> _PROBLEM STATEMENT_: From the listing below, extract each entry exactly as written, minus the images.

(INFORMATION SHOWN begins)

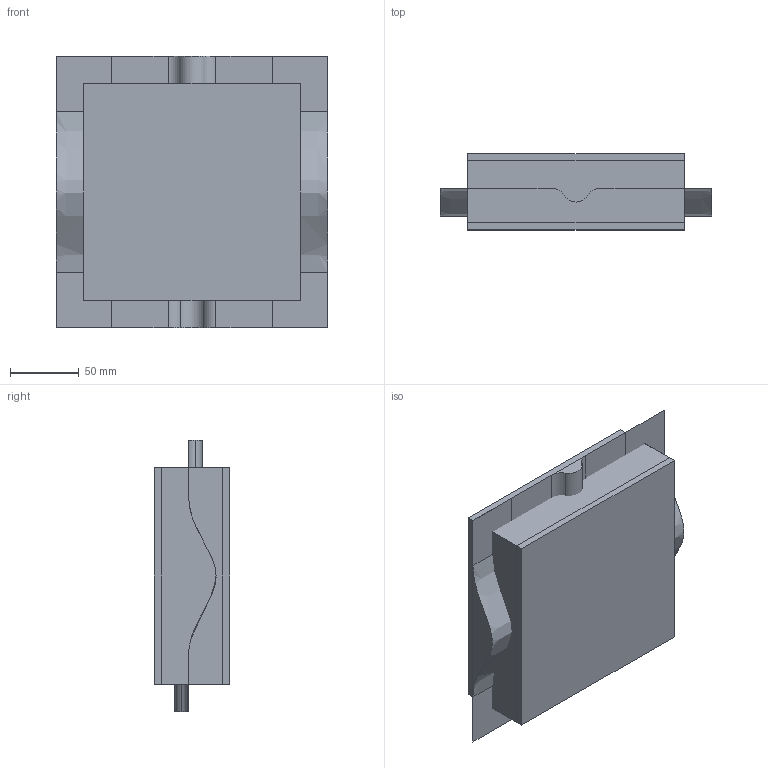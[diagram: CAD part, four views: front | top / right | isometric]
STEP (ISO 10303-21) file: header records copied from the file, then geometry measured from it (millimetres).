
FILE_DESCRIPTION(('CATIA V5 STEP Exchange'),'2;1');
FILE_NAME('C:\_Andres\UNIVERSIDAD\IQS\ASIGNATURAS\DAO\EXF\EXF-16172c\2inicio\Lopez_Triquell_Ej02_v17.stp','2017-03-05T15:45:26+00:00',('none'),('none'),'CATIA Version 5-6 Release 2014 SP1 HF18','CATIA V5 STEP AP203','none');
FILE_SCHEMA(('CONFIG_CONTROL_DESIGN'));
Length unit declared in the file: millimetre
Products named in the file (1): Lopez_Triquell_Ej02_v17
Bounding box: 197 x 55 x 197 mm (x, y, z)
Surface area: 249572.2 mm2
Topology: 3 solids, 10 shells, 72 faces, 205 edges, 150 vertices
Faces by surface type: bspline 32, plane 32, cylinder 6, extrusion 2
Entity records: 6179 total; most frequent: CARTESIAN_POINT 4862, ORIENTED_EDGE 288, DIRECTION 151, EDGE_CURVE 132, VERTEX_POINT 84, VECTOR 77, LINE 75, ADVANCED_FACE 72

(INFORMATION SHOWN ends)

> _EXPECTED ANSWER_:
[diagram: CAD part, four views: front | top / right | isometric]
STEP (ISO 10303-21) file: header records copied from the file, then geometry measured from it (millimetres).
FILE_DESCRIPTION(('CATIA V5 STEP Exchange'),'2;1');
FILE_NAME('C:\_Andres\UNIVERSIDAD\IQS\ASIGNATURAS\DAO\EXF\EXF-16172c\2inicio\Lopez_Triquell_Ej02_v17.stp','2017-03-05T15:45:26+00:00',('none'),('none'),'CATIA Version 5-6 Release 2014 SP1 HF18','CATIA V5 STEP AP203','none');
FILE_SCHEMA(('CONFIG_CONTROL_DESIGN'));
Length unit declared in the file: millimetre
Products named in the file (1): Lopez_Triquell_Ej02_v17
Bounding box: 197 x 55 x 197 mm (x, y, z)
Surface area: 249572.2 mm2
Topology: 3 solids, 10 shells, 72 faces, 205 edges, 150 vertices
Faces by surface type: bspline 32, plane 32, cylinder 6, extrusion 2
Entity records: 6179 total; most frequent: CARTESIAN_POINT 4862, ORIENTED_EDGE 288, DIRECTION 151, EDGE_CURVE 132, VERTEX_POINT 84, VECTOR 77, LINE 75, ADVANCED_FACE 72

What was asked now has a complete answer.